### Dataset excerpts
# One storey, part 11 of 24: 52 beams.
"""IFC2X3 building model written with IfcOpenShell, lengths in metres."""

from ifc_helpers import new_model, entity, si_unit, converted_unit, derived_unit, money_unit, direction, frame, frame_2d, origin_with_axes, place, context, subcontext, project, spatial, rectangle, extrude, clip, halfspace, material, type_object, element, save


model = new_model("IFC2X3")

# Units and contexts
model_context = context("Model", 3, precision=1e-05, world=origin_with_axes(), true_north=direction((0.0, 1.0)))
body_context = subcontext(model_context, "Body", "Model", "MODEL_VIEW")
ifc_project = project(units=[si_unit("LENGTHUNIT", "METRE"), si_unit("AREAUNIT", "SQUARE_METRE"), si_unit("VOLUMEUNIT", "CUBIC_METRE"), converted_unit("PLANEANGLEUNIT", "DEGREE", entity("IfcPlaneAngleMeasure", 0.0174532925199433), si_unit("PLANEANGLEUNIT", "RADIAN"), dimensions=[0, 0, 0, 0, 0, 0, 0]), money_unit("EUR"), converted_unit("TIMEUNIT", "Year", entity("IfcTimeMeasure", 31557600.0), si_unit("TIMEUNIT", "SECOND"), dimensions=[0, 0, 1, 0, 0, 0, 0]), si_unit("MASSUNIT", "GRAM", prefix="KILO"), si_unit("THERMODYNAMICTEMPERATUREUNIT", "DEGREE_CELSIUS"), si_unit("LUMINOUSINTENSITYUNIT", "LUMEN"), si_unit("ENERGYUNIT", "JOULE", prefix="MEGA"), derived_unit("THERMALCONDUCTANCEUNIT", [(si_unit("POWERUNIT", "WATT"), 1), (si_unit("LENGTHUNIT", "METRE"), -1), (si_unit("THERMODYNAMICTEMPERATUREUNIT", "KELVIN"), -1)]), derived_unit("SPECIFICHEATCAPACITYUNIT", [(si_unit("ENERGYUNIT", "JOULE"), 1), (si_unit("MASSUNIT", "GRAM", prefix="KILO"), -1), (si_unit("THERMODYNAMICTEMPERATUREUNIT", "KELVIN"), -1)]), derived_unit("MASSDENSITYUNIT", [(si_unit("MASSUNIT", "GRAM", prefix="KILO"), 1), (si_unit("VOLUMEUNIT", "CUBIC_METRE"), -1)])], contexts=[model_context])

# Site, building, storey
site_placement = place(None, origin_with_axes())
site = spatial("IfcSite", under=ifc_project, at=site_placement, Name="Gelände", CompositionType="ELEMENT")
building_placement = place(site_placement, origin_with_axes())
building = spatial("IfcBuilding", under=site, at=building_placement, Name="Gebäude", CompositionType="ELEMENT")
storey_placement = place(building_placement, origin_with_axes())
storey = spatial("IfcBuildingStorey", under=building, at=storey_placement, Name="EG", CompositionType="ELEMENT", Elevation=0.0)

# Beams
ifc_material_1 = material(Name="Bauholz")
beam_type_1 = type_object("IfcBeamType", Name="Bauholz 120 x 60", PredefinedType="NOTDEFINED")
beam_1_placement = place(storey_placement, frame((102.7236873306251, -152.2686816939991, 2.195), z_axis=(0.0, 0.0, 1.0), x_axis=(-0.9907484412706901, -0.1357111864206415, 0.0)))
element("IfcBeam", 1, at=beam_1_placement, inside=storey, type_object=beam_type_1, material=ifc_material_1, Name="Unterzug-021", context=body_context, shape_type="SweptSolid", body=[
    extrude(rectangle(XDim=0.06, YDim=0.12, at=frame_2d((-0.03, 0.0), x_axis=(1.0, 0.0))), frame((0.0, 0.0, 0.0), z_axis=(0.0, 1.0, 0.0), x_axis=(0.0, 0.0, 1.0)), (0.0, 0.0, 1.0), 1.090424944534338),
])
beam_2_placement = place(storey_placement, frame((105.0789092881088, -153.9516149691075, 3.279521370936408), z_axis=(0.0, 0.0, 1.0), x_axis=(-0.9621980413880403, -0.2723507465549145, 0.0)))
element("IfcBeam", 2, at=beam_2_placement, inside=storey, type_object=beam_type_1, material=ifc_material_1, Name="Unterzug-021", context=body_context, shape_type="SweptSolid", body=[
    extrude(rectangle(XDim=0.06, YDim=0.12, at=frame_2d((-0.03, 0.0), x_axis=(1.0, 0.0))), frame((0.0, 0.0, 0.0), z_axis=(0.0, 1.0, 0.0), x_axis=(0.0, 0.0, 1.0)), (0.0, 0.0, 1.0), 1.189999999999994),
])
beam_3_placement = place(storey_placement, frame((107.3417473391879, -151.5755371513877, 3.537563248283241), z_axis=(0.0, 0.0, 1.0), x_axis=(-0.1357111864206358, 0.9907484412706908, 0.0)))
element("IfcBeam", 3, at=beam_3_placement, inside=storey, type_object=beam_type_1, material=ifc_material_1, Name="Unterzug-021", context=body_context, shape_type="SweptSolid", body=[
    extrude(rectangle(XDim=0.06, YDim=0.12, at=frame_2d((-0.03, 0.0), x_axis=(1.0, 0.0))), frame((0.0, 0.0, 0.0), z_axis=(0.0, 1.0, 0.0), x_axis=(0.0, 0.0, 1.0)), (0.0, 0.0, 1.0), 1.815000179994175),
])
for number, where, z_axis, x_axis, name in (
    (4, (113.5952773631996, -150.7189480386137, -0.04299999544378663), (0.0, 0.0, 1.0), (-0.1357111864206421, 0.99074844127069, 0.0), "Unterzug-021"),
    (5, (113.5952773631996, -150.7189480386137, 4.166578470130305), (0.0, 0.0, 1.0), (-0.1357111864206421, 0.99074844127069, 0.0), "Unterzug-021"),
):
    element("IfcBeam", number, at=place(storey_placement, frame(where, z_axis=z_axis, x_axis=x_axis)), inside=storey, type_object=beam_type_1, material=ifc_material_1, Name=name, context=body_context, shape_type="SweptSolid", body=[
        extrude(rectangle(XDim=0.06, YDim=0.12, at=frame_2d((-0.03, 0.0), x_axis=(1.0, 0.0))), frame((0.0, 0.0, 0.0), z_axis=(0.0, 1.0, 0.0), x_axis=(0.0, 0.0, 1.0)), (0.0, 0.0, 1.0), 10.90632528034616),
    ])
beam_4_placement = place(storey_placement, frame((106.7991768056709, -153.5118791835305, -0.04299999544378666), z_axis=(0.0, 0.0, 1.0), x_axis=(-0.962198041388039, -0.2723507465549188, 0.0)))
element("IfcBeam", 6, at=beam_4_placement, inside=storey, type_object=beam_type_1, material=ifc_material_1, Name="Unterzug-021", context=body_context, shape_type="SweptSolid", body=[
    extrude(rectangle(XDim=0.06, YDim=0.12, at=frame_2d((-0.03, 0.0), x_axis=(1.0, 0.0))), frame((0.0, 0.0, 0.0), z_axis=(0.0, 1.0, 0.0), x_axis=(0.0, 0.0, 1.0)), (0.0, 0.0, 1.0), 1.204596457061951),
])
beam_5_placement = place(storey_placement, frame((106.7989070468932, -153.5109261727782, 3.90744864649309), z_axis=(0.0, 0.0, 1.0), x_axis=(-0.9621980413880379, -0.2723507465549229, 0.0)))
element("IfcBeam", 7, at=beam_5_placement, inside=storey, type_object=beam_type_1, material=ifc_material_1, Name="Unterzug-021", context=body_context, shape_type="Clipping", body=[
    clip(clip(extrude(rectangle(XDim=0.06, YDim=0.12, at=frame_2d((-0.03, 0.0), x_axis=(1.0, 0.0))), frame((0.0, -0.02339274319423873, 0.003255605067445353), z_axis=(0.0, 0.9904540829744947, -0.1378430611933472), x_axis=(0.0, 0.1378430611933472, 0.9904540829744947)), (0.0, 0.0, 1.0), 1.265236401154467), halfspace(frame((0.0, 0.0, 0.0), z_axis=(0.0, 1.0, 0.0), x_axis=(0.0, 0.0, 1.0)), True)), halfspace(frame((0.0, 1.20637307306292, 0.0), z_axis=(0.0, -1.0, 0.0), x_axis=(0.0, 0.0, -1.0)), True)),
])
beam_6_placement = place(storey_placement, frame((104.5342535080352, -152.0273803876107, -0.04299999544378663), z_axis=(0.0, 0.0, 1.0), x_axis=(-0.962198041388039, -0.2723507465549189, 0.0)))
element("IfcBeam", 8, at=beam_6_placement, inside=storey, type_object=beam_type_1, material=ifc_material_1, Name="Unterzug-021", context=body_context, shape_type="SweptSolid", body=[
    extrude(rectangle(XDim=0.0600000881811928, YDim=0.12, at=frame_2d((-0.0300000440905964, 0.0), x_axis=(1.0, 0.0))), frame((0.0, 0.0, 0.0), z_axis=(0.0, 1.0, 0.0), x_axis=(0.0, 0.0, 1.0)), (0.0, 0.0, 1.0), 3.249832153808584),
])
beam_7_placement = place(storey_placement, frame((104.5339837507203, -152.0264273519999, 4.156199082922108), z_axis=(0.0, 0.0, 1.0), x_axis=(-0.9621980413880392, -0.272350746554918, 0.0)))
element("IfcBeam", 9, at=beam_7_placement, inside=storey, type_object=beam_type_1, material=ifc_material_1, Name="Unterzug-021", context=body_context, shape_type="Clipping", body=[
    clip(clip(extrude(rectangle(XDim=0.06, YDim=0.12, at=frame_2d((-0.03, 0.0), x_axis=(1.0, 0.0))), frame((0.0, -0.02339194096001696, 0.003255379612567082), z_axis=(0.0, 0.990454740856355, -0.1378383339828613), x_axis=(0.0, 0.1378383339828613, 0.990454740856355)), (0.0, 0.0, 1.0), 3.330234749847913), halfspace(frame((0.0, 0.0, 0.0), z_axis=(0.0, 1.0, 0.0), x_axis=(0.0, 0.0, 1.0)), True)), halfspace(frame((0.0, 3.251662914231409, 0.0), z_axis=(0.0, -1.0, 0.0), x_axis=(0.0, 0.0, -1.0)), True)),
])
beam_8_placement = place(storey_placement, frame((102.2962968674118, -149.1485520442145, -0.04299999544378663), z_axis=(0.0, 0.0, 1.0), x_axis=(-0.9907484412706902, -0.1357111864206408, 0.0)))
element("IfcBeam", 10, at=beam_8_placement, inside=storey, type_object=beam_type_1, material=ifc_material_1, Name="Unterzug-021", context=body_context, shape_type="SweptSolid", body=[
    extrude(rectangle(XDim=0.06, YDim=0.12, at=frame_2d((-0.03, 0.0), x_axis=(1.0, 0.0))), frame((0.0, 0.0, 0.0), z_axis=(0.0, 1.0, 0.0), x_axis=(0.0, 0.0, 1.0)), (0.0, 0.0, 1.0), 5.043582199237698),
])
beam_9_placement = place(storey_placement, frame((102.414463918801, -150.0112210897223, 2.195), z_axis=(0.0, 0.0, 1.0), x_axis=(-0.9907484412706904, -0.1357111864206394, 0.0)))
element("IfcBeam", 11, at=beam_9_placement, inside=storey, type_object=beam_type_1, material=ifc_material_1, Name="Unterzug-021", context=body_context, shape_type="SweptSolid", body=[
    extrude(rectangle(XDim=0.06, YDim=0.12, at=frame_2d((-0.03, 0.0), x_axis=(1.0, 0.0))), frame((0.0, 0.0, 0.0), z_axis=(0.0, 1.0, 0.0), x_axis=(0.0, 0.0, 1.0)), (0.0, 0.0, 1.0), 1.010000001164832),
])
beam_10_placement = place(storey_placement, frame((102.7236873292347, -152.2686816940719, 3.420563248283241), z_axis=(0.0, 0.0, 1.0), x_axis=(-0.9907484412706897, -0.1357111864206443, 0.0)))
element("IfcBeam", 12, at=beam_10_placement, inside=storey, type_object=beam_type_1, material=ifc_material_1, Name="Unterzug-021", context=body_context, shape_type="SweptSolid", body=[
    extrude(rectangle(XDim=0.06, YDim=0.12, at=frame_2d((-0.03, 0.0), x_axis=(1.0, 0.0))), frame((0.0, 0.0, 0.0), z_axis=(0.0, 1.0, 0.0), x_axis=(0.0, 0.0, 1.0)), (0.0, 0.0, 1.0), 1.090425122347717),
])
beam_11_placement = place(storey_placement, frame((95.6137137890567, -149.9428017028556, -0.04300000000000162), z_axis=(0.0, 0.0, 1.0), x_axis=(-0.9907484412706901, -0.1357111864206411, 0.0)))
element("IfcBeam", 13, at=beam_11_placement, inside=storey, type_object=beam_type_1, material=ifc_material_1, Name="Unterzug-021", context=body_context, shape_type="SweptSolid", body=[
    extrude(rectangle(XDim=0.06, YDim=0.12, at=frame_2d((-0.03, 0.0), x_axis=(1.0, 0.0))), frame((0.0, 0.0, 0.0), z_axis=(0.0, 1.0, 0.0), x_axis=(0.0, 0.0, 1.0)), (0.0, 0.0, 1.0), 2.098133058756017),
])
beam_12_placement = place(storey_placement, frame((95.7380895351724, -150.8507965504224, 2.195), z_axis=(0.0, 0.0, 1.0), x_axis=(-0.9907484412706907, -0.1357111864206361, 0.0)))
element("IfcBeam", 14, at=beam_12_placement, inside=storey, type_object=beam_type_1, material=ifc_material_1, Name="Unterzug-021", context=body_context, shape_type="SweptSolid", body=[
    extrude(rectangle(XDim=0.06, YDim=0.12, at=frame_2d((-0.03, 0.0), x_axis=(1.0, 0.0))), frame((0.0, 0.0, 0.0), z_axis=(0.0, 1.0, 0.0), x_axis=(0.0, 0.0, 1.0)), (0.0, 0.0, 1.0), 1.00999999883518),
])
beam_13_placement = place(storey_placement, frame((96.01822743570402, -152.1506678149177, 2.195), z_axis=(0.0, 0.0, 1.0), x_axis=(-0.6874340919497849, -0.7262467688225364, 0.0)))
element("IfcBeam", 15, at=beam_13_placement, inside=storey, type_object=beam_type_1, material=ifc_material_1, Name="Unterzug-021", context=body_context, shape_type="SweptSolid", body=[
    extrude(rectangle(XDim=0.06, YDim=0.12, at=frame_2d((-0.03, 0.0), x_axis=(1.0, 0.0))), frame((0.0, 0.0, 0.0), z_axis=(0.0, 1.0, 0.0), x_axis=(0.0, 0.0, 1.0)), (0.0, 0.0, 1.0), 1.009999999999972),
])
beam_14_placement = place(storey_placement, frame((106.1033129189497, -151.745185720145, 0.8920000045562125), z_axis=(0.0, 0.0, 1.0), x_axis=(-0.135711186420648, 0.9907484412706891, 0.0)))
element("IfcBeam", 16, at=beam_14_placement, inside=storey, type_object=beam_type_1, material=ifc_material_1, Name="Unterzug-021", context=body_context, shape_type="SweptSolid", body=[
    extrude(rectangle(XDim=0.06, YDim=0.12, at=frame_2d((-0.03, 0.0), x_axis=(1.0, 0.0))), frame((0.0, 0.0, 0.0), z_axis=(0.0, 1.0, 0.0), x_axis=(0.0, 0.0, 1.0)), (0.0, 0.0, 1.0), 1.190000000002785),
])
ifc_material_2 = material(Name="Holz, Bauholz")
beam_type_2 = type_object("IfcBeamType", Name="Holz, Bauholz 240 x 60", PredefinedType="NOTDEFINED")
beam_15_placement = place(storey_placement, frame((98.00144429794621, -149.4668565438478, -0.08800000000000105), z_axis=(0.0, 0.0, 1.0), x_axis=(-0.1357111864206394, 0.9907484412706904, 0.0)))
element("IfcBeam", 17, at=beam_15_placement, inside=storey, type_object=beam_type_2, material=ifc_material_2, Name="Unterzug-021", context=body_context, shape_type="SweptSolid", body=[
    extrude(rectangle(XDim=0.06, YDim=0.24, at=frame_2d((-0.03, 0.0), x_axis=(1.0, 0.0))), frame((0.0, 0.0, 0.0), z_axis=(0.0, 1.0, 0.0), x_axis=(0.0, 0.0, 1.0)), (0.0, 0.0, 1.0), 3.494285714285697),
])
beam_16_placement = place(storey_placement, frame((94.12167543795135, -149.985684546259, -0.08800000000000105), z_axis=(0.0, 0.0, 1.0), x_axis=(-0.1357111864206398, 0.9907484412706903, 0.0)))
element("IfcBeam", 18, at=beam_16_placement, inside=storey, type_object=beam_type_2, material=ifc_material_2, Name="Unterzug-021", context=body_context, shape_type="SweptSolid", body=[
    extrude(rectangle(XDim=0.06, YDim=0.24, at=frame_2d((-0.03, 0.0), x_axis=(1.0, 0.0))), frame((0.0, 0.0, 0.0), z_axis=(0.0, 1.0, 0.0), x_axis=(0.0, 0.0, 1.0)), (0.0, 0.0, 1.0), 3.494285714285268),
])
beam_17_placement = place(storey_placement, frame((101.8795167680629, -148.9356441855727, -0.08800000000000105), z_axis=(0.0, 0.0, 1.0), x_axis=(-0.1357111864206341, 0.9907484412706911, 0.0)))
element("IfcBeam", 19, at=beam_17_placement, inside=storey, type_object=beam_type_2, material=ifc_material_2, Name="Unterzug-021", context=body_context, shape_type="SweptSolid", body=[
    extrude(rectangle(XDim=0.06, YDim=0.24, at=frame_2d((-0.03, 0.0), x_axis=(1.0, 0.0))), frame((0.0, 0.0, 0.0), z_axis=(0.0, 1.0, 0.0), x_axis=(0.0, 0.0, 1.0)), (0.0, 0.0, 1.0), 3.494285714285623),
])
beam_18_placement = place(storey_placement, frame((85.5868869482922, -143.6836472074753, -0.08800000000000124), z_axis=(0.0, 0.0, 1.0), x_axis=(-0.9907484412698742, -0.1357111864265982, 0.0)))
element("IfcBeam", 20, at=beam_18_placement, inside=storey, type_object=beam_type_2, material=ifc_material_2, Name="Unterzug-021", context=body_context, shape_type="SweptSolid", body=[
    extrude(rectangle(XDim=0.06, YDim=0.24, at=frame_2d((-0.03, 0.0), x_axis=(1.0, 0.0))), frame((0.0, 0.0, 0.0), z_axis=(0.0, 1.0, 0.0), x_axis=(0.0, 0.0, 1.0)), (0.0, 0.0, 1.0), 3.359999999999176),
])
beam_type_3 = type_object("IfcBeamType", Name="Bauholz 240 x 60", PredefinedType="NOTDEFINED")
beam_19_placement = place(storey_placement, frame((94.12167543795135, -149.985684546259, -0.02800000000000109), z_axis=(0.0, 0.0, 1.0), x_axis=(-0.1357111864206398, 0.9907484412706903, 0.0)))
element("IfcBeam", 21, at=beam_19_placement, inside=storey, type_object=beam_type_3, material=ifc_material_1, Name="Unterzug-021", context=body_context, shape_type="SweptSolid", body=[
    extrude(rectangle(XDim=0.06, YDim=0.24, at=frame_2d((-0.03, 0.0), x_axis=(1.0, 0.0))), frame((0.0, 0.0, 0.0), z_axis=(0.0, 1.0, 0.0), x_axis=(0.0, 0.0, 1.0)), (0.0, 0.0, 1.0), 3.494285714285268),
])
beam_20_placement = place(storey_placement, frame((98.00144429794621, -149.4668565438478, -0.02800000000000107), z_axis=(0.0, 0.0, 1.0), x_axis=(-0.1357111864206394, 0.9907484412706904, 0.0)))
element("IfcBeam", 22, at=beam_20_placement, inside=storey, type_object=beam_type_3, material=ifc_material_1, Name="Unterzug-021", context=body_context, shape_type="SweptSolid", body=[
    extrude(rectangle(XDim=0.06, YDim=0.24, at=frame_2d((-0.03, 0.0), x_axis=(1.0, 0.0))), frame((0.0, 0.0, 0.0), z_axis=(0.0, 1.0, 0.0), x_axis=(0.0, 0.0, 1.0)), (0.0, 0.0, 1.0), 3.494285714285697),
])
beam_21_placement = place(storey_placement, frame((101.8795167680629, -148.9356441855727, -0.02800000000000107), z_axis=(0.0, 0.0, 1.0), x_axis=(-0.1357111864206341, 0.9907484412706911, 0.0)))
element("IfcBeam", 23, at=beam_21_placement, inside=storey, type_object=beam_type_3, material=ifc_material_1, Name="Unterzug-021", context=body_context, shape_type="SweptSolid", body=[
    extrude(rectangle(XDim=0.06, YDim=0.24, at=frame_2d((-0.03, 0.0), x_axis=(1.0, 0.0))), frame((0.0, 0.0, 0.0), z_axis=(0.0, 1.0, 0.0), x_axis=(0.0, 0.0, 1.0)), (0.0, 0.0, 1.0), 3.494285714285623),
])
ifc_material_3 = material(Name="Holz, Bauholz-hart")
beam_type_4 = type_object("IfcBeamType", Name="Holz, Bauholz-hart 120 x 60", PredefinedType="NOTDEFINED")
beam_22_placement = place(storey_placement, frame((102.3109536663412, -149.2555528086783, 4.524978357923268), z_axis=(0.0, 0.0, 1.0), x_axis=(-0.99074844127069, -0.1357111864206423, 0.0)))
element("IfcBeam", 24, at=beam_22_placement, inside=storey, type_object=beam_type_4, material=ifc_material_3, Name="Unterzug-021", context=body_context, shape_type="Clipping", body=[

### Exercise instructions
Could you find every line in the records above that has the string "where" and copy it?

### Answer space
for number, where, z_axis, x_axis, name in (
    element("IfcBeam", number, at=place(storey_placement, frame(where, z_axis=z_axis, x_axis=x_axis)), inside=storey, type_object=beam_type_1, material=ifc_material_1, Name=name, context=body_context, shape_type="SweptSolid", body=[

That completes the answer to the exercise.